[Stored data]
☆ ☆ ☆ ☆ ☆

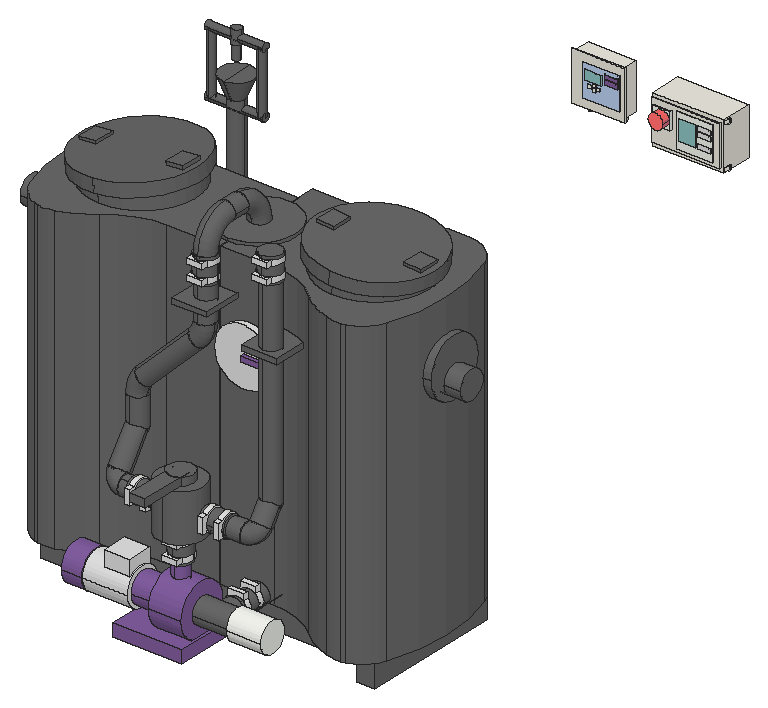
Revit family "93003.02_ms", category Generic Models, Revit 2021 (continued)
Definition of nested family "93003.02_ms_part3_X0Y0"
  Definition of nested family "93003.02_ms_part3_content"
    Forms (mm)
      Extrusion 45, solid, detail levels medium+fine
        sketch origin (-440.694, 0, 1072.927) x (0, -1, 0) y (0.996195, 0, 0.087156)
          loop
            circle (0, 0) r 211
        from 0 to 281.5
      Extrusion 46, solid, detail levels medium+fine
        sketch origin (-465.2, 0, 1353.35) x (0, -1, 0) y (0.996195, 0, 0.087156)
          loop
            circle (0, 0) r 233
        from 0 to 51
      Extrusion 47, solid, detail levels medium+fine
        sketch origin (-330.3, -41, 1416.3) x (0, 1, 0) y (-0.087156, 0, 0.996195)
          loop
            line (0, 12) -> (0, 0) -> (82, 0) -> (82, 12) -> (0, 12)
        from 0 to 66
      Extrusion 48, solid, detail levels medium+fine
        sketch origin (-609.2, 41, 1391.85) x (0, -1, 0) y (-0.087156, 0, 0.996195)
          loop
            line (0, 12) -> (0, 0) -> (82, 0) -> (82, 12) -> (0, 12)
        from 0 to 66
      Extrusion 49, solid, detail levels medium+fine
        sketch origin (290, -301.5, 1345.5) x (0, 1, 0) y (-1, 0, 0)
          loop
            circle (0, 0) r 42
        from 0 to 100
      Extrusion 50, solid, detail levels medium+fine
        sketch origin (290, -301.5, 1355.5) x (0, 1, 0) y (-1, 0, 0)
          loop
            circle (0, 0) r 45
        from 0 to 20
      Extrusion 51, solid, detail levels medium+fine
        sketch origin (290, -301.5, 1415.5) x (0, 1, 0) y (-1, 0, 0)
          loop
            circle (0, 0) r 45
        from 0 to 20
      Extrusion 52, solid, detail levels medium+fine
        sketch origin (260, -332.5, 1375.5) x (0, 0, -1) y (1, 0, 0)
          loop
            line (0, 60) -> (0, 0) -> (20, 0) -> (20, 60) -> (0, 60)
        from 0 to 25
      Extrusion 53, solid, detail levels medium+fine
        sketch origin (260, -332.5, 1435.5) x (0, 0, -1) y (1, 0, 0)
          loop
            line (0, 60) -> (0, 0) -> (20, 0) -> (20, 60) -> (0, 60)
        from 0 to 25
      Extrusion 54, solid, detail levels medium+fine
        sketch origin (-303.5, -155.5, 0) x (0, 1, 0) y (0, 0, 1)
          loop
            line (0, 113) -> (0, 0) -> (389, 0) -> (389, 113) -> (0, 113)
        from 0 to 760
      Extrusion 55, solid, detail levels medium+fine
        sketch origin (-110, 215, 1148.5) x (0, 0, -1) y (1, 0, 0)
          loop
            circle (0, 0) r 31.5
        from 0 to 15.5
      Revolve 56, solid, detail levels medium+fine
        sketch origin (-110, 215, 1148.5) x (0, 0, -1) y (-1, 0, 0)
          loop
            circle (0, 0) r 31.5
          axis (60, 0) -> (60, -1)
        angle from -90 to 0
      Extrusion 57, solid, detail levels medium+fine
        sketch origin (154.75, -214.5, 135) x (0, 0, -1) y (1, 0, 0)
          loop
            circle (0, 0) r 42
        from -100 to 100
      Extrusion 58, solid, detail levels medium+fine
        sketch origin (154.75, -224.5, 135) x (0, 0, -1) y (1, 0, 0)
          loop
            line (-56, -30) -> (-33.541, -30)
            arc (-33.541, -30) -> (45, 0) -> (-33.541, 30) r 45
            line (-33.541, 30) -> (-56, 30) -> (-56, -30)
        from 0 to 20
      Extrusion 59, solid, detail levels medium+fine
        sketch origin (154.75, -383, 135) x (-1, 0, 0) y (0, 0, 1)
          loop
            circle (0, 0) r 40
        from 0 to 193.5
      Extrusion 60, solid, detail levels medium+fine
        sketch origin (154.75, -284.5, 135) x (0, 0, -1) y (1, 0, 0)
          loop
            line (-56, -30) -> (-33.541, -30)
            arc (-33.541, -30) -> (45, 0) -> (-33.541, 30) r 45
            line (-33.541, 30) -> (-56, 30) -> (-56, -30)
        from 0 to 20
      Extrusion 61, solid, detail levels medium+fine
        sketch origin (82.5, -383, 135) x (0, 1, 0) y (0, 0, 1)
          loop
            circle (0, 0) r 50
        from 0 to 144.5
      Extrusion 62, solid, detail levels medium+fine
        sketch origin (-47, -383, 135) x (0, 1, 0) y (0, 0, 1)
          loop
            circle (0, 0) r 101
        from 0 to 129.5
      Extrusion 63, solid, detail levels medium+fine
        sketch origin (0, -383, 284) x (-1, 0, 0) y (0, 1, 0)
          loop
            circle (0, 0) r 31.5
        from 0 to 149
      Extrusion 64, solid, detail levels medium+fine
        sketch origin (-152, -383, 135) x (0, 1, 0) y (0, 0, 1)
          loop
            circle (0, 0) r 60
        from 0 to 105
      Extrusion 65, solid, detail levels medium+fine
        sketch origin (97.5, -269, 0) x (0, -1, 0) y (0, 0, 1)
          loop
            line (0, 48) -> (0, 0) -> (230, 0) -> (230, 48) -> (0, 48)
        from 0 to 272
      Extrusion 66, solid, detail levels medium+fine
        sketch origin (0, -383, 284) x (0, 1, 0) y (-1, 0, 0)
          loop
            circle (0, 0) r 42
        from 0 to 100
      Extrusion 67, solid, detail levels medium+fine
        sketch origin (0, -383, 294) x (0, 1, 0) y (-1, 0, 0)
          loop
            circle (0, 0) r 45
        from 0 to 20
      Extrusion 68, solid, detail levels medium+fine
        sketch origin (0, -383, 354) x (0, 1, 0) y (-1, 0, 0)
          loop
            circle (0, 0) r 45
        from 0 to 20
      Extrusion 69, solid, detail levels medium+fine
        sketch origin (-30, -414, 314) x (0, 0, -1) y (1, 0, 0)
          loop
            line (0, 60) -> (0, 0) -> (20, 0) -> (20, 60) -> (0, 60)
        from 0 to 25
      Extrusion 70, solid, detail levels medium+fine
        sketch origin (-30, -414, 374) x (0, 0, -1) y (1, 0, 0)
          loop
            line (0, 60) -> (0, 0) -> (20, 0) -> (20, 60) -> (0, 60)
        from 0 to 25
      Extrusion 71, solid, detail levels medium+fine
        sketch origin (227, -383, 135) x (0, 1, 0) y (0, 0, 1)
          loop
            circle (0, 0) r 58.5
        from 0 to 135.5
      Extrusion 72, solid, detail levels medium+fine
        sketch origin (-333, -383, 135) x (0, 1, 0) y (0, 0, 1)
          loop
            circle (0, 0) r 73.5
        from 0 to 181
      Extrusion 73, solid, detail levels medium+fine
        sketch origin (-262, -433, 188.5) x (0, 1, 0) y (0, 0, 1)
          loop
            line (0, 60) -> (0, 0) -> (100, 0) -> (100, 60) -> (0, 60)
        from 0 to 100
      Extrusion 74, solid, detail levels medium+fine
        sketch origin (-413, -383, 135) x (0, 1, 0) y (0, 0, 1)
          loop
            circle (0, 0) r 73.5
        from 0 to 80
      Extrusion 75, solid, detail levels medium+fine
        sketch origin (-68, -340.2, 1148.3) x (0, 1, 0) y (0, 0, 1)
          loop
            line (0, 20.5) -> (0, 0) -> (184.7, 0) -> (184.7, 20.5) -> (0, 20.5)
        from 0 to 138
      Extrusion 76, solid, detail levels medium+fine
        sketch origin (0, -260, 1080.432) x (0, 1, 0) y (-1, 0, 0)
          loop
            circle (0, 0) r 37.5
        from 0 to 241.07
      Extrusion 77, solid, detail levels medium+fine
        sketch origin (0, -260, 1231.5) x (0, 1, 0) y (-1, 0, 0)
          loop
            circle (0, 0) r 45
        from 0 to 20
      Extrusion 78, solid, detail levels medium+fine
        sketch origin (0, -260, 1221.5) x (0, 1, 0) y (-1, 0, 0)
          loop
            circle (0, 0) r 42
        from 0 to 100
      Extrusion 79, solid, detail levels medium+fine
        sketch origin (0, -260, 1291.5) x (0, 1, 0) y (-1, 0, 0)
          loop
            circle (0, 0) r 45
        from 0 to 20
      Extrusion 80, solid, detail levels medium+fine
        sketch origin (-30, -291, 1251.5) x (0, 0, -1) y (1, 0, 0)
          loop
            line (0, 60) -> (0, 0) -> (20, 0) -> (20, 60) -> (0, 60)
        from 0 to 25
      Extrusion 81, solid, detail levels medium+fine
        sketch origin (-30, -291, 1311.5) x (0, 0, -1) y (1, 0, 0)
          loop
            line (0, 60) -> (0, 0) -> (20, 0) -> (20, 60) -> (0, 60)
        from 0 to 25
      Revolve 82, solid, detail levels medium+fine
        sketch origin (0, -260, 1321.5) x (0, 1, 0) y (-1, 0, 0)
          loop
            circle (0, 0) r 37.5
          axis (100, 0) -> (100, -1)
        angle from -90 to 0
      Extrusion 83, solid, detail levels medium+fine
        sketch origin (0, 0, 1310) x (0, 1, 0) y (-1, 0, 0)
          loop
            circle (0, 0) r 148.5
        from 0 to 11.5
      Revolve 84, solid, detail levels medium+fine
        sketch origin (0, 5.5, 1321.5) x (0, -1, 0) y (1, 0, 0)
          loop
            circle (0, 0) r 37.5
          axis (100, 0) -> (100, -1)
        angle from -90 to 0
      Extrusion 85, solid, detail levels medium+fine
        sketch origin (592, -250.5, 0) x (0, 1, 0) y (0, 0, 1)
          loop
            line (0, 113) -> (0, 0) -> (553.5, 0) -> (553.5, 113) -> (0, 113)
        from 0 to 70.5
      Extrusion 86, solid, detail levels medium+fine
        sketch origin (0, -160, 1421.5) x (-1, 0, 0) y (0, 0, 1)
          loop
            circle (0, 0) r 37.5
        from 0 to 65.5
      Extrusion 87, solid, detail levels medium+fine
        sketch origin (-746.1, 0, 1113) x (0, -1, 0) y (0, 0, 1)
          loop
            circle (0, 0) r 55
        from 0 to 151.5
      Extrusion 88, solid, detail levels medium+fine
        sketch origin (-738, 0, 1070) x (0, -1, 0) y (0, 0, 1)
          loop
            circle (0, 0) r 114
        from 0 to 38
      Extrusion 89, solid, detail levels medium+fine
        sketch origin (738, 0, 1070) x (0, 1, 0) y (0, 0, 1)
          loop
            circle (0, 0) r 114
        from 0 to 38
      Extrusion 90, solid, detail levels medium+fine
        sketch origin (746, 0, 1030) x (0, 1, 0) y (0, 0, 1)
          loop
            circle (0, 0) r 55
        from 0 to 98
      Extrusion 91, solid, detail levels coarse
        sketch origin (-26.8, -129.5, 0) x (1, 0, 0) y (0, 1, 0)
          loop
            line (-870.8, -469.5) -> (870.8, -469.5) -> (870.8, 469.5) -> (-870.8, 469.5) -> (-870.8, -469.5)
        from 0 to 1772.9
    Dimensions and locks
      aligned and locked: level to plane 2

☆ ☆ ☆ ☆ ☆

WORK TASK: Among the lines above, please find those with "family" and copy them.

ANSWER SPACE:
Revit family "93003.02_ms", category Generic Models, Revit 2021 (continued)
Definition of nested family "93003.02_ms_part3_X0Y0"
  Definition of nested family "93003.02_ms_part3_content"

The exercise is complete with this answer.